12.01.2008 18:36 |

Souveräne Fahrt

Elisabeth Görgl gewinnt Damen-RTL in Marburg

Nach fünf zweiten und sieben dritten Plätzen hat Skirennläuferin Elisabeth Görgl am Samstag ihr erstes Weltcuprennen gewonnen. Die 26-jährige Tochter der Olympia-Abfahrts-Bronzemedaillengewinnerin von 1960 und 1964, Traudl Hecher, setzte sich im Marburg-Riesentorlauf vor den Südtirolerinnen Manuela Mölgg (+0,49) und Denise Karbon (1,72) durch. Sie ist die 100. ÖSV-Aktive (Damen und Herren), die einen alpinen Weltcupsieg gefeiert hat. Weltmeisterin Nicole Hosp landete auf Rang sechs (+2,29) und behielt die Führung im Gesamtweltcup.

Nach den Siegen in den ersten vier Saisonrennen war Karbon nach zwei Fehlern im ersten Durchgang und +1,41 Sekunden Rückstand als Sechste auf die Halbzeitführende Görgl im Finale gefordert, es reichte noch für das Podest, aber nicht mehr zum ganz großen Triumph. "Ich bin nicht enttäuscht, ich bin sehr glücklich. Ich wusste, es wird nicht leicht, denn ich war etwas krank", sagte Karbon.

"Niedere Nummer Vorteil"
Görgl gelang abermals ein sehr guter Lauf. "Meine niedere Nummer im ersten war sicher ein Vorteil, ich habe sie gut ausgenützt.
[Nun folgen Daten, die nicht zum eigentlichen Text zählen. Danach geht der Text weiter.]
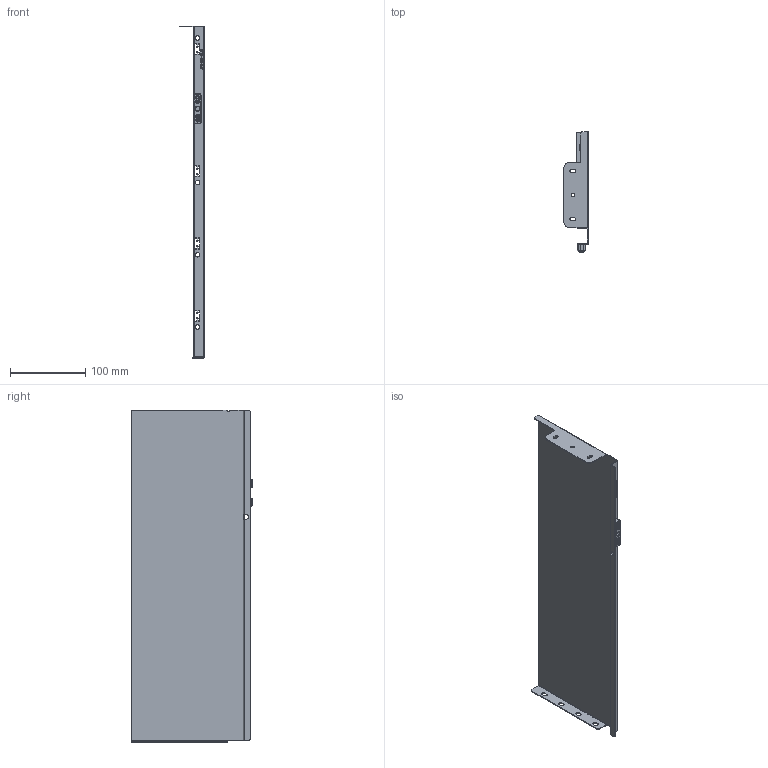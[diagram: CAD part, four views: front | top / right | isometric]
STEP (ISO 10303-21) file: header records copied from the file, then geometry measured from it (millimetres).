
FILE_DESCRIPTION (( 'STEP AP203' ), '1' );
FILE_NAME ('HL13450R.STEP', '2021-07-31T00:43:23', ( 'Users' ), ( 'Microsoft' ), 'SwSTEP 2.0', 'SolidWorks 2018', '' );
FILE_SCHEMA (( 'CONFIG_CONTROL_DESIGN' ));
Length unit declared in the file: millimetre
Products named in the file (1): HL13450R
Bounding box: 32.6 x 159.7 x 441.2 mm (x, y, z)
Volume: 97880.2 mm3; surface area: 162027.5 mm2
Topology: 1 solids, 1 shells, 455 faces, 1242 edges, 806 vertices
Faces by surface type: plane 177, cylinder 169, torus 55, bspline 52, cone 2
Entity records: 17450 total; most frequent: CARTESIAN_POINT 5770, ORIENTED_EDGE 2476, DIRECTION 2393, EDGE_CURVE 1238, AXIS2_PLACEMENT_3D 859, VERTEX_POINT 806, VECTOR 675, LINE 675
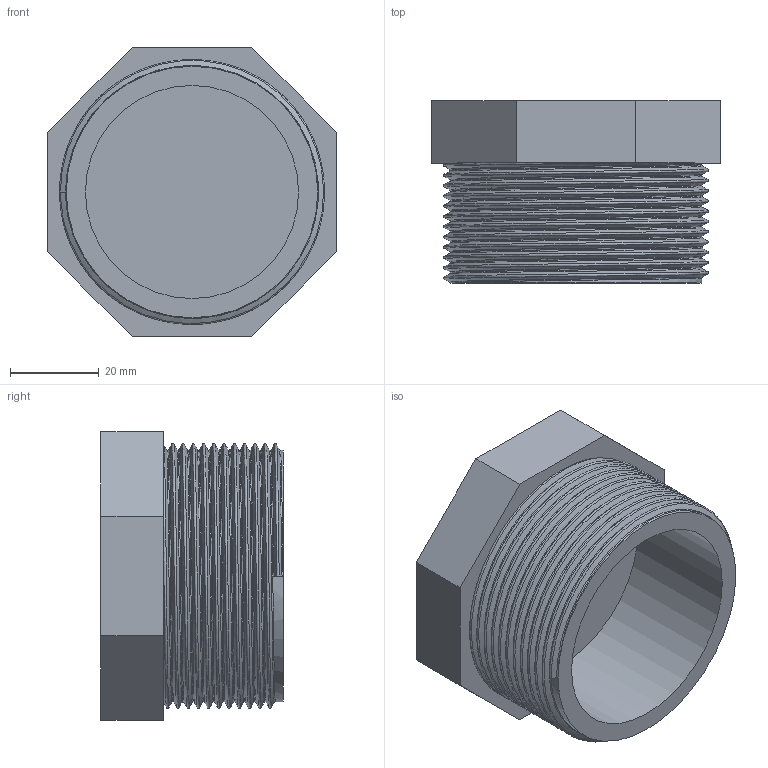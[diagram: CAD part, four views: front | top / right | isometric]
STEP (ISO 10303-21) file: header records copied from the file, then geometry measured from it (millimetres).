
FILE_DESCRIPTION(/* description */ ('PVC tappo filettato BSP maschio'),/* implementation_level */ '2;1');
FILE_NAME(/* name */ 'C:\Users\POLYPIPE\Desktop\DATASET INVENTOR\LIBRERIA EFFAST\RACCORDI 3DxWEB\RER\3D_RERTAE\3D_RERTAE063G.stp',/* time_stamp */ '2018-01-19T17:18:22+01:00',/* author */ ('POLYPIPE'),/* organization */ ('Polypipe Italia s.r.l.'),/* preprocessor_version */ 'ST-DEVELOPER v16.1',/* originating_system */ 'Autodesk Inventor 2016',/* authorisation */ '');
FILE_SCHEMA (('CONFIG_CONTROL_DESIGN'));
Length unit declared in the file: millimetre
Products named in the file (1): 3D_RERTAE
Bounding box: 65 x 41 x 65 mm (x, y, z)
Volume: 71695.4 mm3; surface area: 22237.9 mm2
Topology: 1 solids, 1 shells, 20 faces, 45 edges, 29 vertices
Faces by surface type: plane 13, bspline 5, cylinder 2
Full cylindrical faces by diameter (mm): 48 x1, 56.656 x1
Entity records: 5073 total; most frequent: CARTESIAN_POINT 4634, ORIENTED_EDGE 88, DIRECTION 71, EDGE_CURVE 44, VERTEX_POINT 29, LINE 27, VECTOR 27, EDGE_LOOP 23
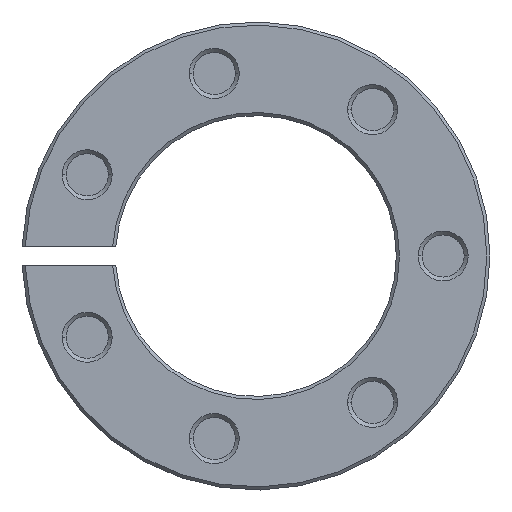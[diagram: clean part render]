
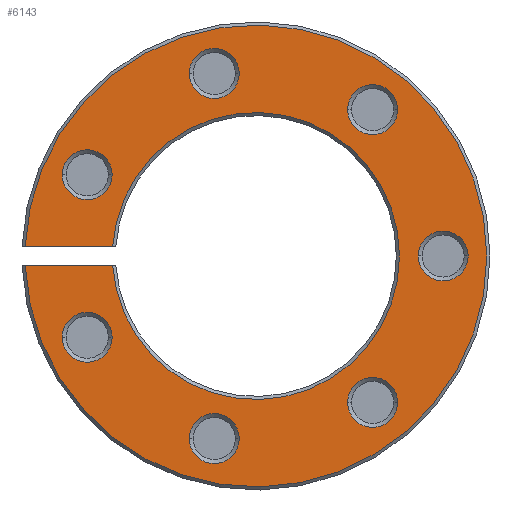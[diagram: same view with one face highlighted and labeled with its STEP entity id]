
A CAD part, left-side view. The second image highlights one B-rep face of the part: STEP entity #6143.
In plain terms, the highlighted planar face has unit normal (-1, 0, 0).
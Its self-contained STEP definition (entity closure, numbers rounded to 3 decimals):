
#2396=CARTESIAN_POINT('',(-33.,0.,0.));
#2397=DIRECTION('',(-1.,0.,0.));
#2398=DIRECTION('',(0.,0.999,-0.041));
#2399=AXIS2_PLACEMENT_3D('',#2396,#2397,#2398);
#2432=CARTESIAN_POINT('',(-33.,27.029,
-13.017));
#2433=DIRECTION('',(1.,0.,0.));
#2434=DIRECTION('',(0.,-1.,0.));
#2435=AXIS2_PLACEMENT_3D('',#2432,#2433,#2434);
#2440=CARTESIAN_POINT('',(-33.,27.029,
-13.017));
#2441=DIRECTION('',(1.,0.,0.));
#2442=DIRECTION('',(0.,1.,0.));
#2443=AXIS2_PLACEMENT_3D('',#2440,#2441,#2442);
#2448=CARTESIAN_POINT('',(-33.,6.676,
-29.248));
#2449=DIRECTION('',(1.,0.,0.));
#2450=DIRECTION('',(0.,-1.,0.));
#2451=AXIS2_PLACEMENT_3D('',#2448,#2449,#2450);
#2456=CARTESIAN_POINT('',(-33.,6.676,
-29.248));
#2457=DIRECTION('',(1.,0.,0.));
#2458=DIRECTION('',(0.,1.,0.));
#2459=AXIS2_PLACEMENT_3D('',#2456,#2457,#2458);
#2464=CARTESIAN_POINT('',(-33.,-18.705,
-23.455));
#2465=DIRECTION('',(1.,0.,0.));
#2466=DIRECTION('',(0.,-1.,0.));
#2467=AXIS2_PLACEMENT_3D('',#2464,#2465,#2466);
#2472=CARTESIAN_POINT('',(-33.,-18.705,
-23.455));
#2473=DIRECTION('',(1.,0.,0.));
#2474=DIRECTION('',(0.,1.,0.));
#2475=AXIS2_PLACEMENT_3D('',#2472,#2473,#2474);
#2480=CARTESIAN_POINT('',(-33.,-30.,0.));
#2481=DIRECTION('',(1.,0.,0.));
#2482=DIRECTION('',(0.,-1.,0.));
#2483=AXIS2_PLACEMENT_3D('',#2480,#2481,#2482);
#2488=CARTESIAN_POINT('',(-33.,-30.,0.));
#2489=DIRECTION('',(1.,0.,0.));
#2490=DIRECTION('',(0.,1.,0.));
#2491=AXIS2_PLACEMENT_3D('',#2488,#2489,#2490);
#2496=CARTESIAN_POINT('',(-33.,-18.705,
23.455));
#2497=DIRECTION('',(1.,0.,0.));
#2498=DIRECTION('',(0.,-1.,0.));
#2499=AXIS2_PLACEMENT_3D('',#2496,#2497,#2498);
#2504=CARTESIAN_POINT('',(-33.,-18.705,
23.455));
#2505=DIRECTION('',(1.,0.,0.));
#2506=DIRECTION('',(0.,1.,0.));
#2507=AXIS2_PLACEMENT_3D('',#2504,#2505,#2506);
#2512=CARTESIAN_POINT('',(-33.,6.676,29.248));
#2513=DIRECTION('',(1.,0.,0.));
#2514=DIRECTION('',(0.,-1.,0.));
#2515=AXIS2_PLACEMENT_3D('',#2512,#2513,#2514);
#2520=CARTESIAN_POINT('',(-33.,6.676,29.248));
#2521=DIRECTION('',(1.,0.,0.));
#2522=DIRECTION('',(0.,1.,0.));
#2523=AXIS2_PLACEMENT_3D('',#2520,#2521,#2522);
#2528=CARTESIAN_POINT('',(-33.,27.029,13.017));
#2529=DIRECTION('',(1.,0.,0.));
#2530=DIRECTION('',(0.,-1.,0.));
#2531=AXIS2_PLACEMENT_3D('',#2528,#2529,#2530);
#2536=CARTESIAN_POINT('',(-33.,27.029,13.017));
#2537=DIRECTION('',(1.,0.,0.));
#2538=DIRECTION('',(0.,1.,0.));
#2539=AXIS2_PLACEMENT_3D('',#2536,#2537,#2538);
#2544=DIRECTION('',(0.,-1.,0.));
#2545=VECTOR('',#2544,14.019);
#2546=CARTESIAN_POINT('',(-33.,36.97,-1.5));
#2547=LINE('',#2546,#2545);
#2551=DIRECTION('',(0.,-1.,0.));
#2552=VECTOR('',#2551,14.019);
#2553=CARTESIAN_POINT('',(-33.,36.97,1.5));
#2554=LINE('',#2553,#2552);
#2996=CARTESIAN_POINT('',(-33.,0.,0.));
#2997=DIRECTION('',(1.,0.,0.));
#2998=DIRECTION('',(0.,0.998,0.065));
#2999=AXIS2_PLACEMENT_3D('',#2996,#2997,#2998);
#3310=CARTESIAN_POINT('',(-33.,23.029,
-13.017));
#3311=CARTESIAN_POINT('',(-33.,31.029,
-13.017));
#3312=VERTEX_POINT('',#3310);
#3313=VERTEX_POINT('',#3311);
#3370=CARTESIAN_POINT('',(-33.,2.676,
-29.248));
#3371=CARTESIAN_POINT('',(-33.,10.676,
-29.248));
#3372=VERTEX_POINT('',#3370);
#3373=VERTEX_POINT('',#3371);
#3378=CARTESIAN_POINT('',(-33.,-22.705,
-23.455));
#3379=CARTESIAN_POINT('',(-33.,-14.705,
-23.455));
#3380=VERTEX_POINT('',#3378);
#3381=VERTEX_POINT('',#3379);
#3386=CARTESIAN_POINT('',(-33.,-34.,0.));
#3387=CARTESIAN_POINT('',(-33.,-26.,0.));
#3388=VERTEX_POINT('',#3386);
#3389=VERTEX_POINT('',#3387);
#3394=CARTESIAN_POINT('',(-33.,-22.705,
23.455));
#3395=CARTESIAN_POINT('',(-33.,-14.705,
23.455));
#3396=VERTEX_POINT('',#3394);
#3397=VERTEX_POINT('',#3395);
#3402=CARTESIAN_POINT('',(-33.,2.676,29.248));
#3403=CARTESIAN_POINT('',(-33.,10.676,29.248));
#3404=VERTEX_POINT('',#3402);
#3405=VERTEX_POINT('',#3403);
#3410=CARTESIAN_POINT('',(-33.,23.029,13.017));
#3411=CARTESIAN_POINT('',(-33.,31.029,13.017));
#3412=VERTEX_POINT('',#3410);
#3413=VERTEX_POINT('',#3411);
#3762=CARTESIAN_POINT('',(-33.,36.97,-1.5));
#3763=CARTESIAN_POINT('',(-33.,22.951,-1.5));
#3764=VERTEX_POINT('',#3762);
#3765=VERTEX_POINT('',#3763);
#3766=CARTESIAN_POINT('',(-33.,36.97,1.5));
#3767=CARTESIAN_POINT('',(-33.,22.951,1.5));
#3768=VERTEX_POINT('',#3766);
#3769=VERTEX_POINT('',#3767);
#6089=CARTESIAN_POINT('',(-33.,0.,0.));
#6090=DIRECTION('',(1.,0.,0.));
#6091=DIRECTION('',(0.,0.,-1.));
#6092=AXIS2_PLACEMENT_3D('',#6089,#6090,#6091);
#6093=PLANE('',#6092);
#6094=ORIENTED_EDGE('',*,*,#5908,.T.);
#6096=ORIENTED_EDGE('',*,*,#6095,.F.);
#6097=ORIENTED_EDGE('',*,*,#5977,.F.);
#6098=ORIENTED_EDGE('',*,*,#6069,.F.);
#6099=EDGE_LOOP('',(#6094,#6096,#6097,#6098));
#6100=FACE_OUTER_BOUND('',#6099,.F.);
#6102=ORIENTED_EDGE('',*,*,#6101,.F.);
#6104=ORIENTED_EDGE('',*,*,#6103,.F.);
#6105=EDGE_LOOP('',(#6102,#6104));
#6106=FACE_BOUND('',#6105,.F.);
#6108=ORIENTED_EDGE('',*,*,#6107,.F.);
#6110=ORIENTED_EDGE('',*,*,#6109,.F.);
#6111=EDGE_LOOP('',(#6108,#6110));
#6112=FACE_BOUND('',#6111,.F.);
#6114=ORIENTED_EDGE('',*,*,#6113,.F.);
#6116=ORIENTED_EDGE('',*,*,#6115,.F.);
#6117=EDGE_LOOP('',(#6114,#6116));
#6118=FACE_BOUND('',#6117,.F.);
#6120=ORIENTED_EDGE('',*,*,#6119,.F.);
#6122=ORIENTED_EDGE('',*,*,#6121,.F.);
#6123=EDGE_LOOP('',(#6120,#6122));
#6124=FACE_BOUND('',#6123,.F.);
#6126=ORIENTED_EDGE('',*,*,#6125,.F.);
#6128=ORIENTED_EDGE('',*,*,#6127,.F.);
#6129=EDGE_LOOP('',(#6126,#6128));
#6130=FACE_BOUND('',#6129,.F.);
#6132=ORIENTED_EDGE('',*,*,#6131,.F.);
#6134=ORIENTED_EDGE('',*,*,#6133,.F.);
#6135=EDGE_LOOP('',(#6132,#6134));
#6136=FACE_BOUND('',#6135,.F.);
#6138=ORIENTED_EDGE('',*,*,#6137,.F.);
#6140=ORIENTED_EDGE('',*,*,#6139,.F.);
#6141=EDGE_LOOP('',(#6138,#6140));
#6142=FACE_BOUND('',#6141,.F.);
#6143=ADVANCED_FACE('',(#6100,#6106,#6112,#6118,#6124,#6130,#6136,#6142),#6093,
.F.);
#2400=CIRCLE('',#2399,37.);
#2436=CIRCLE('',#2435,4.);
#2444=CIRCLE('',#2443,4.);
#2452=CIRCLE('',#2451,4.);
#2460=CIRCLE('',#2459,4.);
#2468=CIRCLE('',#2467,4.);
#2476=CIRCLE('',#2475,4.);
#2484=CIRCLE('',#2483,4.);
#2492=CIRCLE('',#2491,4.);
#2500=CIRCLE('',#2499,4.);
#2508=CIRCLE('',#2507,4.);
#2516=CIRCLE('',#2515,4.);
#2524=CIRCLE('',#2523,4.);
#2532=CIRCLE('',#2531,4.);
#2540=CIRCLE('',#2539,4.);
#3000=CIRCLE('',#2999,23.);
#5908=EDGE_CURVE('',#3764,#3765,#2547,.T.);
#5977=EDGE_CURVE('',#3768,#3769,#2554,.T.);
#6069=EDGE_CURVE('',#3764,#3768,#2400,.T.);
#6095=EDGE_CURVE('',#3769,#3765,#3000,.T.);
#6101=EDGE_CURVE('',#3312,#3313,#2436,.T.);
#6103=EDGE_CURVE('',#3313,#3312,#2444,.T.);
#6107=EDGE_CURVE('',#3372,#3373,#2452,.T.);
#6109=EDGE_CURVE('',#3373,#3372,#2460,.T.);
#6113=EDGE_CURVE('',#3380,#3381,#2468,.T.);
#6115=EDGE_CURVE('',#3381,#3380,#2476,.T.);
#6119=EDGE_CURVE('',#3388,#3389,#2484,.T.);
#6121=EDGE_CURVE('',#3389,#3388,#2492,.T.);
#6125=EDGE_CURVE('',#3396,#3397,#2500,.T.);
#6127=EDGE_CURVE('',#3397,#3396,#2508,.T.);
#6131=EDGE_CURVE('',#3404,#3405,#2516,.T.);
#6133=EDGE_CURVE('',#3405,#3404,#2524,.T.);
#6137=EDGE_CURVE('',#3412,#3413,#2532,.T.);
#6139=EDGE_CURVE('',#3413,#3412,#2540,.T.);

Der zweite Lauf war nicht perfekt, aber gut genug", sagte die Steirerin. "Ich war recht locker, es ist ganz leicht gegangen heute. Mir sind die Tränen gekommen, ich habe dies lange ersehnt, es war wieder ein Schritt nach vorne", erzählte Görgl. Im Ziel drückte die Mama die Daumen - mit guten Erinnerungen übrigens, denn am 23. Jänner 1966 hatte Traudl Hecher in Marburg einen FIS-Slalom gewonnen.

Lufttemperaturen von bis zu 14 Grad ließen die am Freitag bei der Hangbefahrung noch pickelharte Piste am Samstag butterweich werden, im ersten Durchgang brach sie bereits nach wenigen Läuferinnen. "Eine Sensation, dass man hier überhaupt Rennen fahren kann", hatte ÖSV-Alpinchef Hans Pum gemeint. "Das wird im zweiten Durchgang eine ziemliche Wandlpartie, mal sehen, ob ich das kann", meinte Görgl. Und ihre Mutter sah die Angelegenheit überhaupt locker: "A bissl holprig kann es schon zugehen, so ein Teppich muss es nicht sein."

Doch eine Salzbehandlung und ein mehr in der Falllinie gesetzter Kurs ließen ein reguläres Finale zu, das von der Kanadierin Britt Janyk eröffnet wurde - mit 5,66 Sekunden Rückstand war sie als 30. in den zweiten Durchgang gerutscht.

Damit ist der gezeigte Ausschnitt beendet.